A morte que assola em massa no Iraque também pode bater à porta de qualquer pessoa quando ela menos esperar. Perowne percebeu isso tarde demais, quando seu jantar foi invadido pelos homens que o haviam enfrentado no acidente de carro pela manhã. Assim, do nada, a vida de Perowne e sua família passa a ser ameaçada como um dia qualquer no Iraque. O sábado na casa dos Perowne vira um dia de terrorismo.
Este é o grande momento deste livro. O pequeno Iraque privado da família Perowne é magistralmente narrado por Ian McEwan, num texto que deixa o leitor à flor da pele, querendo entrar na história para defender os Perownes.

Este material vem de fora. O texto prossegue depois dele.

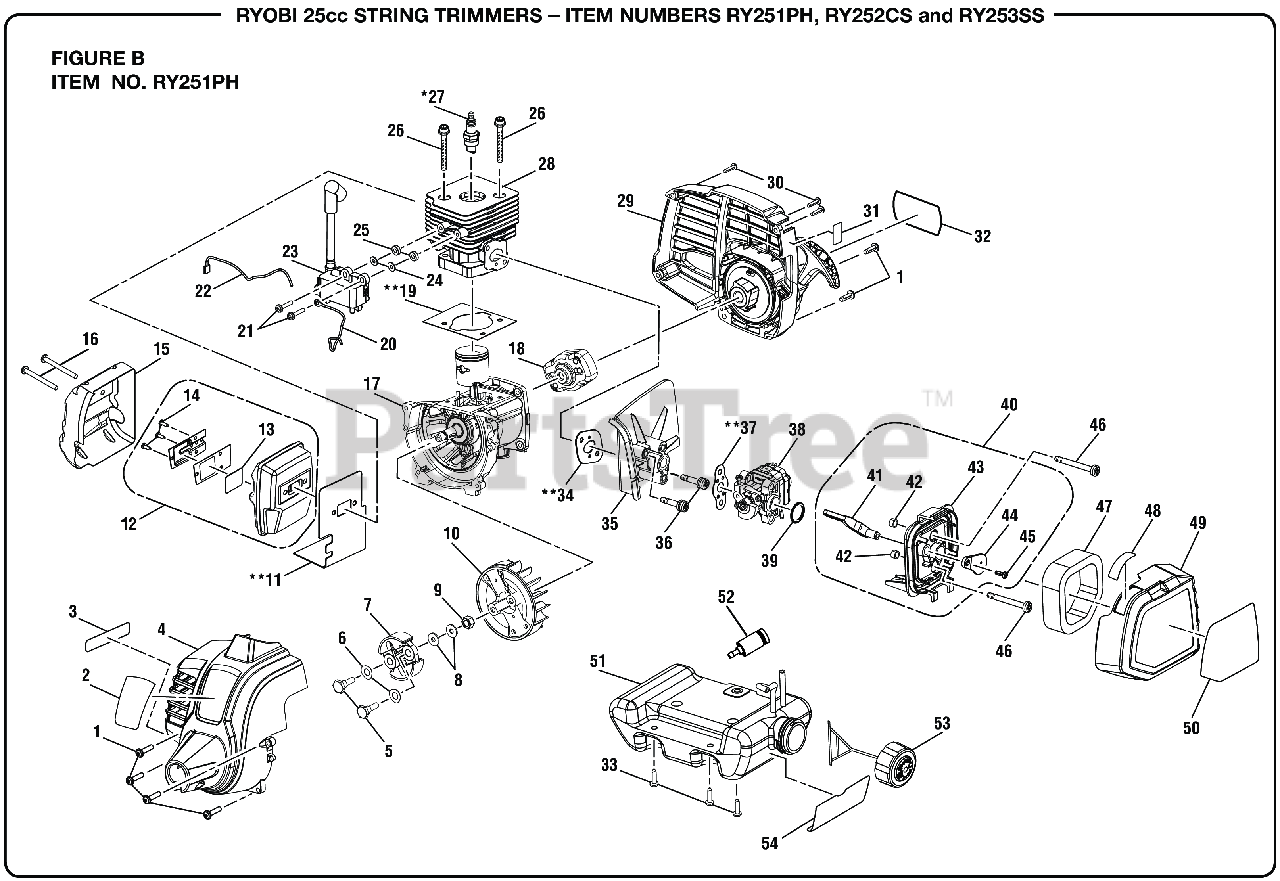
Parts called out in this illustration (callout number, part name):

— Tire as roupas. Vamos lá. Tudo.
Baxter não se dirige a Theo, e sim a Daisy. Ela olha para ele, incrédula, trêmula, balança a cabeça num movimento débil. O medo dela o deixa excitado, o corpo inteiro de Baxter vibra e treme. Daisy consegue falar num sussuro.
— Não posso. Por favor… Não posso.
— Pode, pode sim, querida.
Com a ponta da faca, Baxter abre um talho de trinta centímetros no sofá de couro, logo acima da cabeça de Rosalind. Eles olham para a ferida, um rasgo feio, que incha em todo o seu comprimento, à medida que o velho estofo branco e amarelado escorre para fora, como gordura subcutânea.
Em 26 páginas o episódio se resolve, mas a tensão é tão impactante para o leitor que o livro poderia acabar por aí. Mas, sem ser previsível, McEwan ainda faz com que Perowne seja chamado ao hospital para uma cirurgia de emergência no crânio daquele que quase causou uma tragédia em sua família. A chance da vingança fica ao alcance de seu bisturi.
Há outros cirurgiões que Jay pode chamar e, como regra geral, Perowne evitar operar pessoas que conhece. Mas nesse caso é diferente. E, apesar de várias guinadas em sua atitude com relação a Baxter, alguma lucidez, e até certa firmeza, começa a tomar forma. Ele acha que sabe o que quer fazer.
Sábado termina com um retorno à discussão sobre o Iraque, mas ela chega a parecer sem sentido após este dia na vida dos Perowne. Faz sentido, entretanto, no contexto da obra, que começa e termina com a ameaça de terrorismo e da guerra, mas cujo momento maior de tensão se passa dentro de um pacato lar distante de bombas e atentados. Para os Perownes, mais do que qualquer invasão ao Iraque, é este sábado que marca suas vidas, suas frágeis vidas.